Escherichia coli are a large group of bacteria commonly found in the environment, foods and the intestines of animals and humans. Most strains are harmless. The specific strain E. coli O157:H7 is dangerous to people, producing a powerful toxin that can cause severe illness.

The main symptom of E. coli infection is diarrhea, which can be bloody. Serious life-threatening symptoms can develop, including strokes and seizures.

Tracing the outbreak 

Cases began emerging in the Edmonton area in March 2018. Alberta Health Services and federal investigators began investigating. The investigation pointed to The Meat Shop as the primary source of the outbreak.

On April 24, 2018, the Canadian Food Inspection Agency issued a mandatory recall that covered all pork products sold and distributed by The Meat Shop at Pine Haven between Feb. 19 and April 24.

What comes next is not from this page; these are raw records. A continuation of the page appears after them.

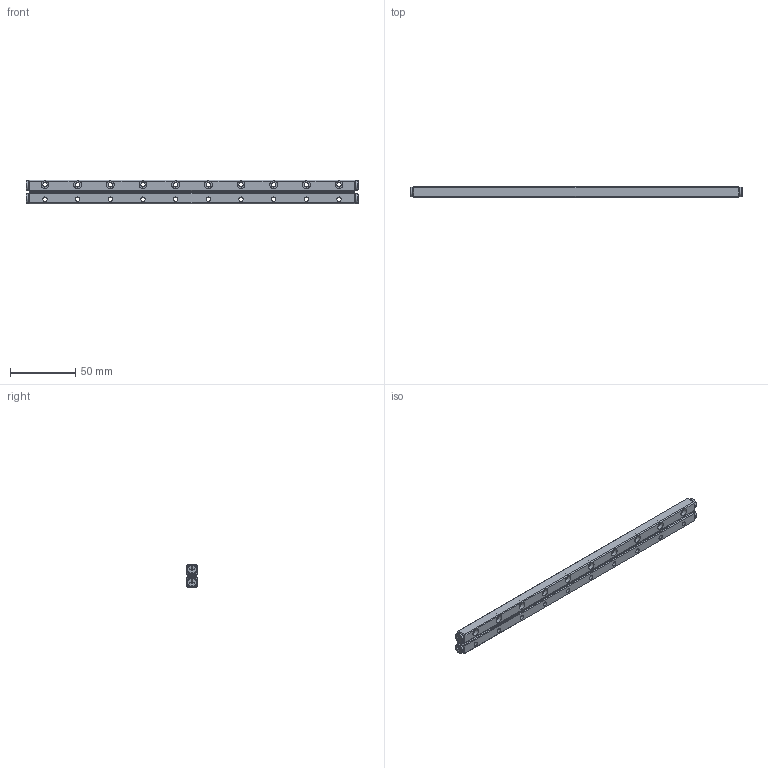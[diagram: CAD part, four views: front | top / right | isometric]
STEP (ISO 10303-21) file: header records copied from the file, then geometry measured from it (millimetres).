
FILE_DESCRIPTION (( 'STEP AP203' ), '1' );
FILE_NAME ('組合件-軌道組-GRV03-0250H-48Z-模糊化軌道組.STEP', '2022-12-19T08:05:28', ( '' ), ( '' ), 'SwSTEP 2.0', 'SolidWorks 2019', '' );
FILE_SCHEMA (( 'CONFIG_CONTROL_DESIGN' ));
Length unit declared in the file: millimetre
Products named in the file (1): 組合件-軌道組-GRV03-0250H-48Z-模糊化軌道組
Bounding box: 254 x 8 x 18 mm (x, y, z)
Volume: 30700.1 mm3; surface area: 23319.8 mm2
Topology: 3 solids, 31 shells, 1006 faces, 2790 edges, 1802 vertices
Faces by surface type: plane 636, cylinder 174, torus 112, cone 84
Full cylindrical faces by diameter (mm): 2 x4, 2.55 x28, 3.4 x20, 6 x20, 7.5 x4
Entity records: 31325 total; most frequent: CARTESIAN_POINT 8047, ORIENTED_EDGE 5112, DIRECTION 4510, EDGE_CURVE 2556, VERTEX_POINT 1712, AXIS2_PLACEMENT_3D 1695, EDGE_LOOP 1194, VECTOR 1120
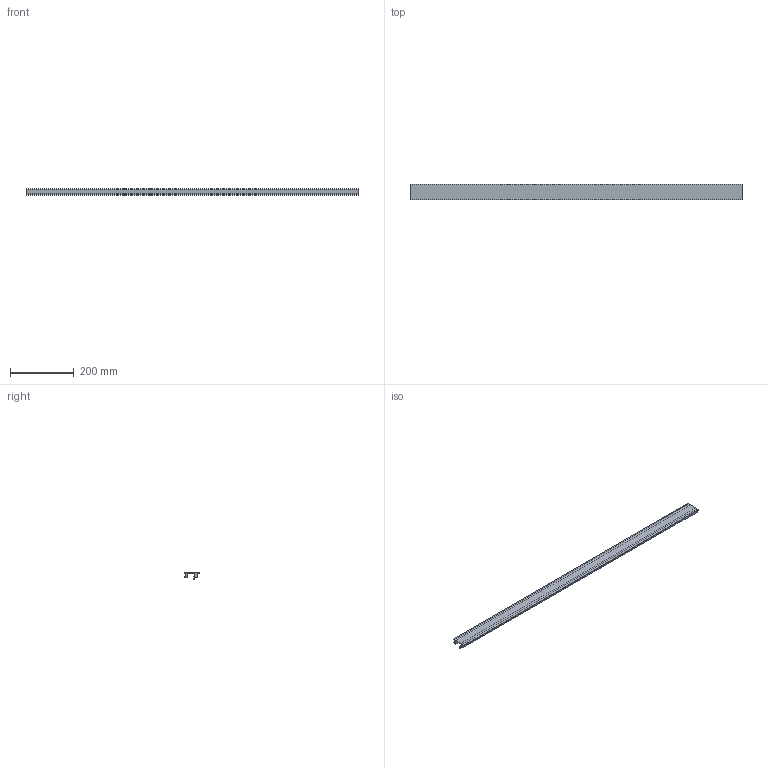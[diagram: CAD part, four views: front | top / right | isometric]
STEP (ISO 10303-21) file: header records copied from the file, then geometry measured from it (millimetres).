
FILE_DESCRIPTION (( 'STEP AP214' ), '1' );
FILE_NAME ('46902747.step', '2022-02-16T15:06:53', ( '' ), ( '' ), 'SwSTEP 2.0', 'SolidWorks 2019', '' );
FILE_SCHEMA (( 'AUTOMOTIVE_DESIGN' ));
Length unit declared in the file: millimetre
Products named in the file (1): 46902747
Bounding box: 1043.2 x 48.05 x 20.4 mm (x, y, z)
Volume: 287605.9 mm3; surface area: 191657.7 mm2
Topology: 1 solids, 1 shells, 26 faces, 72 edges, 48 vertices
Faces by surface type: plane 22, cylinder 4
Entity records: 858 total; most frequent: CARTESIAN_POINT 147, ORIENTED_EDGE 144, DIRECTION 134, EDGE_CURVE 72, LINE 64, VECTOR 64, VERTEX_POINT 48, AXIS2_PLACEMENT_3D 35

According to the statement of claim, The Meat Shop was negligent with quality control, monitoring and processing, storage, distribution and sale of the product that was later recalled.

The suit alleges that The Meat Shop failed to test its products rigorously and also failed to adequately clean equipment or properly train its staff in safe food handling.

It also alleges that The Meat Shop failed to recall all of the tainted pork immediately upon learning that people were becoming ill.